Aim of the exercise: Copy every line of the following data that includes the string "source".

Entries supplied:
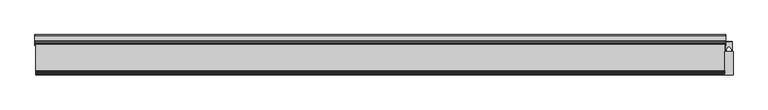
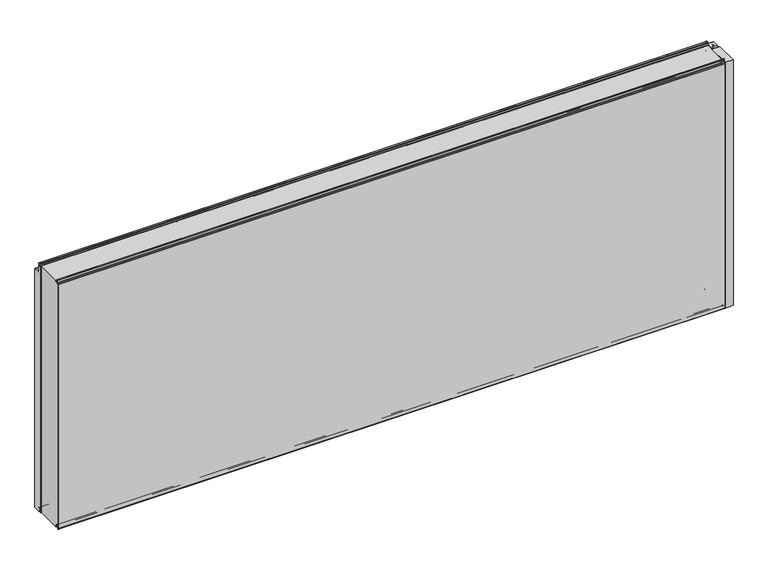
"""IFC4 building model written with IfcOpenShell, lengths in millimetres: plate geometry, Fronttop : Fronttop 150/1000."""

from ifc_helpers import new_model, si_unit, point, frame, frame_2d, origin, origin_with_axes, place, context, project, spatial, polyline, circle_curve, trimmed, segment, composite_curve, outline, extrude, source, transform, mapped, element, save
from ifc_brep_helpers import plane_surface, cylinder_surface, revolved_surface, advanced_brep


def plate_74780102(model_context):
    return source(origin(), model_context, "Body", "SolidModel", [
        advanced_brep(
        [(-1286.5, 124.0, 1008.0), (-1286.5, 121.0, 1008.0), (-1286.5, 121.0, 1004.0), (-1286.5, 117.0, 1000.0), (-1286.5, 115.0, 1000.0), (-1286.5, 115.0, 1001.0), (-1286.5, 117.0, 1001.0), (-1286.5, 120.0, 1004.0), (-1286.5, 120.0, 1008.0), (-1286.5, 125.0, 1008.0), (-1286.5, 125.0, 1000.0), (-1286.5, 124.0, 1000.0), (1286.5, 125.0, 1008.0), (1286.5, 120.0, 1008.0), (1286.5, 120.0, 1004.0), (1286.5, 117.0, 1001.0), (1286.5, 115.0, 1001.0), (1286.5, 115.0, 1000.0), (1286.5, 117.0, 1000.0), (1286.5, 121.0, 1004.0), (1286.5, 121.0, 1008.0), (1286.5, 124.0, 1008.0), (1286.5, 124.0, 1000.0), (1286.5, 125.0, 1000.0), (-1286.5, 117.0, 2.0), (1286.5, 117.0, 2.0), (1286.5, 115.0, 2.0), (-1286.5, 115.0, 2.0), (-1286.5, 119.0, 4.0), (1286.5, 119.0, 4.0), (-1286.5, 119.0, 8.0), (1286.5, 119.0, 8.0), (-1286.5, 126.0, 8.0), (1286.5, 126.0, 8.0), (-1286.5, 126.0, 0.0), (1286.5, 126.0, 0.0), (-1286.5, 129.0, -3.0), (1286.5, 129.0, -3.0), (-1286.5, 125.0, -3.0), (-1287.5, 125.0, -3.0), (-1287.5, 147.0, -3.0), (-1286.5, 147.0, -3.0), (1286.5, 147.0, -3.0), (1287.5, 147.0, -3.0), (1287.5, 125.0, -3.0), (1286.5, 125.0, -3.0), (-1286.5, 150.0, 0.0), (1286.5, 150.0, 0.0), (-1287.5, 150.0, 0.0), (-1287.5, 150.0, 969.0), (-1286.5, 150.0, 969.0), (1286.5, 150.0, 969.0), (1287.5, 150.0, 969.0), (1287.5, 150.0, 0.0), (-1286.5, 147.0, 972.0), (1286.5, 147.0, 972.0), (-1287.5, 147.0, 972.0), (-1287.5, 128.0, 972.0), (-1286.5, 128.0, 972.0), (1286.5, 128.0, 972.0), (1287.5, 128.0, 972.0), (1287.5, 147.0, 972.0), (-1286.5, 125.0, 975.0), (1286.5, 125.0, 975.0), (-1287.5, 125.0, 975.0), (-1287.5, 125.0, 1000.0), (1287.5, 125.0, 1000.0), (1287.5, 125.0, 975.0), (-1286.5, 124.0, 975.0), (1286.5, 124.0, 975.0), (-1286.5, 128.0, 971.0), (1286.5, 128.0, 971.0), (-1286.5, 147.0, 971.0), (1286.5, 147.0, 971.0), (-1286.5, 149.0, 969.0), (1286.5, 149.0, 969.0), (-1286.5, 149.0, 0.0), (1286.5, 149.0, 0.0), (-1286.5, 147.0, -2.0), (1286.5, 147.0, -2.0), (-1286.5, 129.0, -2.0), (1286.5, 129.0, -2.0), (-1286.5, 127.0, 0.0), (1286.5, 127.0, 0.0), (-1286.5, 127.0, 8.0), (1286.5, 127.0, 8.0), (-1286.5, 118.0, 8.0), (1286.5, 118.0, 8.0), (-1286.5, 118.0, 4.0), (1286.5, 118.0, 4.0), (-1286.5, 117.0, 3.0), (1286.5, 117.0, 3.0), (-1286.5, 115.0, 3.0), (1286.5, 115.0, 3.0), (1287.5, 110.0, 1000.0), (1287.5, 110.0, 0.0), (1287.5, 125.0, 0.0), (1286.5, 125.0, 0.0), (1286.5, 110.0, 0.0), (1286.5, 110.0, 1000.0), (-1287.5, 125.0, 0.0), (-1287.5, 110.0, 0.0), (-1287.5, 110.0, 1000.0), (-1286.5, 110.0, 1000.0), (-1286.5, 110.0, 0.0), (-1286.5, 125.0, 0.0)],
        [
            (0, 1, circle_curve(frame((-1286.5, 122.5, 1008.0), z_axis=(1.0, 0.0, 0.0), x_axis=(0.0, -1.0, 0.0)), 1.5)),
            (1, 2),
            (2, 3, circle_curve(frame((-1286.5, 117.0, 1004.0), z_axis=(-1.0, 0.0, 0.0), x_axis=(0.0, -1.0, 0.0)), 4.0)),
            (3, 4),
            (4, 5),
            (5, 6),
            (6, 7, circle_curve(frame((-1286.5, 117.0, 1004.0), z_axis=(1.0, 0.0, 0.0), x_axis=(0.0, -1.0, 0.0)), 3.0)),
            (7, 8),
            (8, 9, circle_curve(frame((-1286.5, 122.5, 1008.0), z_axis=(-1.0, 0.0, 0.0), x_axis=(0.0, -1.0, 0.0)), 2.5)),
            (9, 10),
            (10, 11),
            (11, 0),
            (12, 13, circle_curve(frame((1286.5, 122.5, 1008.0), z_axis=(1.0, 0.0, 0.0), x_axis=(0.0, -1.0, 0.0)), 2.5)),
            (13, 14),
            (14, 15, circle_curve(frame((1286.5, 117.0, 1004.0), z_axis=(-1.0, 0.0, 0.0), x_axis=(0.0, -1.0, 0.0)), 3.0)),
            (15, 16),
            (16, 17),
            (17, 18),
            (18, 19, circle_curve(frame((1286.5, 117.0, 1004.0), z_axis=(1.0, 0.0, 0.0), x_axis=(0.0, -1.0, 0.0)), 4.0)),
            (19, 20),
            (20, 21, circle_curve(frame((1286.5, 122.5, 1008.0), z_axis=(-1.0, 0.0, 0.0), x_axis=(0.0, -1.0, 0.0)), 1.5)),
            (21, 22),
            (22, 23),
            (23, 12),
            (24, 25),
            (25, 26),
            (26, 27),
            (27, 24),
            (24, 28, circle_curve(frame((-1286.5, 117.0, 4.0), z_axis=(1.0, 0.0, 0.0), x_axis=(0.0, -1.0, 0.0)), 2.0)),
            (28, 29),
            (29, 25, circle_curve(frame((1286.5, 117.0, 4.0), z_axis=(-1.0, 0.0, 0.0), x_axis=(0.0, -1.0, 0.0)), 2.0)),
            (28, 30),
            (30, 31),
            (31, 29),
            (30, 32, circle_curve(frame((-1286.5, 122.5, 8.0), z_axis=(-1.0, 0.0, 0.0), x_axis=(0.0, -1.0, 0.0)), 3.5)),
            (32, 33),
            (33, 31, circle_curve(frame((1286.5, 122.5, 8.0), z_axis=(1.0, 0.0, 0.0), x_axis=(0.0, -1.0, 0.0)), 3.5)),
            (32, 34),
            (34, 35),
            (35, 33),
            (34, 36, circle_curve(frame((-1286.5, 129.0, 0.0), z_axis=(1.0, 0.0, 0.0), x_axis=(0.0, -1.0, 0.0)), 3.0)),
            (36, 37),
            (37, 35, circle_curve(frame((1286.5, 129.0, 0.0), z_axis=(-1.0, 0.0, 0.0), x_axis=(0.0, -1.0, 0.0)), 3.0)),
            (36, 38),
            (38, 39),
            (39, 40),
            (40, 41),
            (41, 42),
            (42, 43),
            (43, 44),
            (44, 45),
            (45, 37),
            (41, 46, circle_curve(frame((-1286.5, 147.0, 0.0), z_axis=(1.0, 0.0, 0.0), x_axis=(0.0, -1.0, 0.0)), 3.0)),
            (46, 47),
            (47, 42, circle_curve(frame((1286.5, 147.0, 0.0), z_axis=(-1.0, 0.0, 0.0), x_axis=(0.0, -1.0, 0.0)), 3.0)),
            (46, 48),
            (48, 49),
            (49, 50),
            (50, 51),
            (51, 52),
            (52, 53),
            (53, 47),
            (50, 54, circle_curve(frame((-1286.5, 147.0, 969.0), z_axis=(1.0, 0.0, 0.0), x_axis=(0.0, -1.0, 0.0)), 3.0)),
            (54, 55),
            (55, 51, circle_curve(frame((1286.5, 147.0, 969.0), z_axis=(-1.0, 0.0, 0.0), x_axis=(0.0, -1.0, 0.0)), 3.0)),
            (54, 56),
            (56, 57),
            (57, 58),
            (58, 59),
            (59, 60),
            (60, 61),
            (61, 55),
            (58, 62, circle_curve(frame((-1286.5, 128.0, 975.0), z_axis=(-1.0, 0.0, 0.0), x_axis=(0.0, -1.0, 0.0)), 3.0)),
            (62, 63),
            (63, 59, circle_curve(frame((1286.5, 128.0, 975.0), z_axis=(1.0, 0.0, 0.0), x_axis=(0.0, -1.0, 0.0)), 3.0)),
            (62, 64),
            (64, 65),
            (65, 10),
            (9, 12),
            (23, 66),
            (66, 67),
            (67, 63),
            (8, 13),
            (7, 14),
            (6, 15),
            (5, 16),
            (4, 17),
            (4, 3),
            (3, 18),
            (18, 17),
            (2, 19),
            (1, 20),
            (0, 21),
            (11, 68),
            (68, 69),
            (69, 22),
            (68, 70, circle_curve(frame((-1286.5, 128.0, 975.0), z_axis=(1.0, 0.0, 0.0), x_axis=(0.0, -1.0, 0.0)), 4.0)),
            (70, 71),
            (71, 69, circle_curve(frame((1286.5, 128.0, 975.0), z_axis=(-1.0, 0.0, 0.0), x_axis=(0.0, -1.0, 0.0)), 4.0)),
            (70, 72),
            (72, 73),
            (73, 71),
            (72, 74, circle_curve(frame((-1286.5, 147.0, 969.0), z_axis=(-1.0, 0.0, 0.0), x_axis=(0.0, -1.0, 0.0)), 2.0)),
            (74, 75),
            (75, 73, circle_curve(frame((1286.5, 147.0, 969.0), z_axis=(1.0, 0.0, 0.0), x_axis=(0.0, -1.0, 0.0)), 2.0)),
            (74, 76),
            (76, 77),
            (77, 75),
            (76, 78, circle_curve(frame((-1286.5, 147.0, 0.0), z_axis=(-1.0, 0.0, 0.0), x_axis=(0.0, -1.0, 0.0)), 2.0)),
            (78, 79),
            (79, 77, circle_curve(frame((1286.5, 147.0, 0.0), z_axis=(1.0, 0.0, 0.0), x_axis=(0.0, -1.0, 0.0)), 2.0)),
            (78, 80),
            (80, 81),
            (81, 79),
            (80, 82, circle_curve(frame((-1286.5, 129.0, 0.0), z_axis=(-1.0, 0.0, 0.0), x_axis=(0.0, -1.0, 0.0)), 2.0)),
            (82, 83),
            (83, 81, circle_curve(frame((1286.5, 129.0, 0.0), z_axis=(1.0, 0.0, 0.0), x_axis=(0.0, -1.0, 0.0)), 2.0)),
            (82, 84),
            (84, 85),
            (85, 83),
            (84, 86, circle_curve(frame((-1286.5, 122.5, 8.0), z_axis=(1.0, 0.0, 0.0), x_axis=(0.0, -1.0, 0.0)), 4.5)),
            (86, 87),
            (87, 85, circle_curve(frame((1286.5, 122.5, 8.0), z_axis=(-1.0, 0.0, 0.0), x_axis=(0.0, -1.0, 0.0)), 4.5)),
            (86, 88),
            (88, 89),
            (89, 87),
            (88, 90, circle_curve(frame((-1286.5, 117.0, 4.0), z_axis=(-1.0, 0.0, 0.0), x_axis=(0.0, -1.0, 0.0)), 1.0)),
            (90, 91),
            (91, 89, circle_curve(frame((1286.5, 117.0, 4.0), z_axis=(1.0, 0.0, 0.0), x_axis=(0.0, -1.0, 0.0)), 1.0)),
            (90, 92),
            (92, 93),
            (93, 91),
            (26, 93),
            (92, 27),
            (66, 94),
            (94, 95),
            (95, 96),
            (96, 44),
            (43, 53, circle_curve(frame((1287.5, 147.0, 0.0), z_axis=(1.0, 0.0, 0.0), x_axis=(0.0, 1.0, 0.0)), 3.0)),
            (52, 61, circle_curve(frame((1287.5, 147.0, 969.0), z_axis=(1.0, 0.0, 0.0), x_axis=(0.0, 1.0, 0.0)), 3.0)),
            (60, 67, circle_curve(frame((1287.5, 128.0, 975.0), z_axis=(-1.0, 0.0, 0.0), x_axis=(0.0, 1.0, 0.0)), 3.0)),
            (45, 97),
            (97, 98),
            (98, 99),
            (99, 17),
            (18, 22),
            (99, 94),
            (98, 95),
            (97, 96),
            (64, 57, circle_curve(frame((-1287.5, 128.0, 975.0), z_axis=(1.0, 0.0, 0.0), x_axis=(0.0, 1.0, 0.0)), 3.0)),
            (56, 49, circle_curve(frame((-1287.5, 147.0, 969.0), z_axis=(-1.0, 0.0, 0.0), x_axis=(0.0, 1.0, 0.0)), 3.0)),
            (48, 40, circle_curve(frame((-1287.5, 147.0, 0.0), z_axis=(-1.0, 0.0, 0.0), x_axis=(0.0, 1.0, 0.0)), 3.0)),
            (39, 100),
            (100, 101),
            (101, 102),
            (102, 65),
            (103, 104),
            (104, 105),
            (105, 38),
            (11, 3),
            (4, 103),
            (102, 103),
            (101, 104),
            (100, 105),
        ],
        [
            plane_surface(frame((-1286.5, 0.0, 0.0), z_axis=(-1.0, 0.0, 0.0), x_axis=(0.0, 0.0, 1.0))),
            plane_surface(frame((1286.5, 0.0, 0.0), z_axis=(1.0, 0.0, 0.0), x_axis=(0.0, 0.0, 1.0))),
            plane_surface(frame((-1286.5, 117.0, 2.0), z_axis=(0.0, 0.0, -1.0), x_axis=(1.0, 0.0, 0.0))),
            cylinder_surface(frame((-1286.5, 117.0, 4.0), z_axis=(-1.0, 0.0, 0.0), x_axis=(0.0, -1.0, 0.0)), 2.0),
            plane_surface(frame((-1286.5, 119.0, 8.0), z_axis=(0.0, 1.0, 0.0), x_axis=(1.0, 0.0, 0.0))),
            revolved_surface(polyline([(1286.5, 119.0, 8.0), (-1286.5, 119.0, 8.0)]), (-1286.5, 122.5, 8.0), (1.0, 0.0, 0.0)),
            plane_surface(frame((-1286.5, 126.0, 0.0), z_axis=(0.0, -1.0, 0.0), x_axis=(1.0, 0.0, 0.0))),
            cylinder_surface(frame((-1286.5, 129.0, 0.0), z_axis=(-1.0, 0.0, 0.0), x_axis=(0.0, -1.0, 0.0)), 3.0),
            plane_surface(frame((-1286.5, 147.0, -3.0), z_axis=(0.0, 0.0, -1.0), x_axis=(1.0, 0.0, 0.0))),
            cylinder_surface(frame((-1286.5, 147.0, 0.0), z_axis=(-1.0, 0.0, 0.0), x_axis=(0.0, -1.0, 0.0)), 3.0),
            plane_surface(frame((-1286.5, 150.0, 969.0), z_axis=(0.0, 1.0, 0.0), x_axis=(1.0, 0.0, 0.0))),
            cylinder_surface(frame((-1286.5, 147.0, 969.0), z_axis=(-1.0, 0.0, 0.0), x_axis=(0.0, -1.0, 0.0)), 3.0),
            plane_surface(frame((-1286.5, 128.0, 972.0), z_axis=(0.0, 0.0, 1.0), x_axis=(1.0, 0.0, 0.0))),
            revolved_surface(polyline([(1286.5, 125.0, 975.0), (-1286.5, 125.0, 975.0)]), (-1286.5, 128.0, 975.0), (1.0, 0.0, 0.0)),
            plane_surface(frame((-1286.5, 125.0, 1008.0), z_axis=(0.0, 1.0, 0.0), x_axis=(1.0, 0.0, 0.0))),
            cylinder_surface(frame((-1286.5, 122.5, 1008.0), z_axis=(-1.0, 0.0, 0.0), x_axis=(0.0, -1.0, 0.0)), 2.5),
            plane_surface(frame((-1286.5, 120.0, 1004.0), z_axis=(0.0, -1.0, 0.0), x_axis=(1.0, 0.0, 0.0))),
            revolved_surface(polyline([(1286.5, 114.0, 1004.0), (-1286.5, 114.0, 1004.0)]), (-1286.5, 117.0, 1004.0), (1.0, 0.0, 0.0)),
            plane_surface(frame((-1286.5, 115.0, 1001.0), z_axis=(0.0, 0.0, 1.0), x_axis=(1.0, 0.0, 0.0))),
            plane_surface(frame((-1286.5, 115.0, 1000.0), z_axis=(0.0, -1.0, 0.0), x_axis=(1.0, 0.0, 0.0))),
            plane_surface(frame((-1286.5, 117.0, 1000.0), z_axis=(0.0, 0.0, -1.0), x_axis=(1.0, 0.0, 0.0))),
            cylinder_surface(frame((-1286.5, 117.0, 1004.0), z_axis=(-1.0, 0.0, 0.0), x_axis=(0.0, -1.0, 0.0)), 4.0),
            plane_surface(frame((-1286.5, 121.0, 1008.0), z_axis=(0.0, 1.0, 0.0), x_axis=(1.0, 0.0, 0.0))),
            revolved_surface(polyline([(1286.5, 121.0, 1008.0), (-1286.5, 121.0, 1008.0)]), (-1286.5, 122.5, 1008.0), (1.0, 0.0, 0.0)),
            plane_surface(frame((-1286.5, 124.0, 975.0), z_axis=(0.0, -1.0, 0.0), x_axis=(1.0, 0.0, 0.0))),
            cylinder_surface(frame((-1286.5, 128.0, 975.0), z_axis=(-1.0, 0.0, 0.0), x_axis=(0.0, -1.0, 0.0)), 4.0),
            plane_surface(frame((-1286.5, 147.0, 971.0), z_axis=(0.0, 0.0, -1.0), x_axis=(1.0, 0.0, 0.0))),
            revolved_surface(polyline([(1286.5, 145.0, 969.0), (-1286.5, 145.0, 969.0)]), (-1286.5, 147.0, 969.0), (1.0, 0.0, 0.0)),
            plane_surface(frame((-1286.5, 149.0, 0.0), z_axis=(0.0, -1.0, 0.0), x_axis=(1.0, 0.0, 0.0))),
            revolved_surface(polyline([(1286.5, 145.0, 0.0), (-1286.5, 145.0, 0.0)]), (-1286.5, 147.0, 0.0), (1.0, 0.0, 0.0)),
            plane_surface(frame((-1286.5, 129.0, -2.0), z_axis=(0.0, 0.0, 1.0), x_axis=(1.0, 0.0, 0.0))),
            revolved_surface(polyline([(1286.5, 127.0, 0.0), (-1286.5, 127.0, 0.0)]), (-1286.5, 129.0, 0.0), (1.0, 0.0, 0.0)),
            plane_surface(frame((-1286.5, 127.0, 8.0), z_axis=(0.0, 1.0, 0.0), x_axis=(1.0, 0.0, 0.0))),
            cylinder_surface(frame((-1286.5, 122.5, 8.0), z_axis=(-1.0, 0.0, 0.0), x_axis=(0.0, -1.0, 0.0)), 4.5),
            plane_surface(frame((-1286.5, 118.0, 4.0), z_axis=(0.0, -1.0, 0.0), x_axis=(1.0, 0.0, 0.0))),
            revolved_surface(polyline([(1286.5, 116.0, 4.0), (-1286.5, 116.0, 4.0)]), (-1286.5, 117.0, 4.0), (1.0, 0.0, 0.0)),
            plane_surface(frame((-1286.5, 115.0, 3.0), z_axis=(0.0, 0.0, 1.0), x_axis=(1.0, 0.0, 0.0))),
            plane_surface(frame((-1286.5, 115.0, 2.0), z_axis=(0.0, -1.0, 0.0), x_axis=(1.0, 0.0, 0.0))),
            plane_surface(frame((1287.5, 125.0, 1000.0), z_axis=(1.0, 0.0, 0.0), x_axis=(0.0, -1.0, 0.0))),
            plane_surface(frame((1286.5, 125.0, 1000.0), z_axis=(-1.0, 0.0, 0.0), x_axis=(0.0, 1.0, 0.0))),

Response area:
from ifc_helpers import new_model, si_unit, point, frame, frame_2d, origin, origin_with_axes, place, context, project, spatial, polyline, circle_curve, trimmed, segment, composite_curve, outline, extrude, source, transform, mapped, element, save
    return source(origin(), model_context, "Body", "SolidModel", [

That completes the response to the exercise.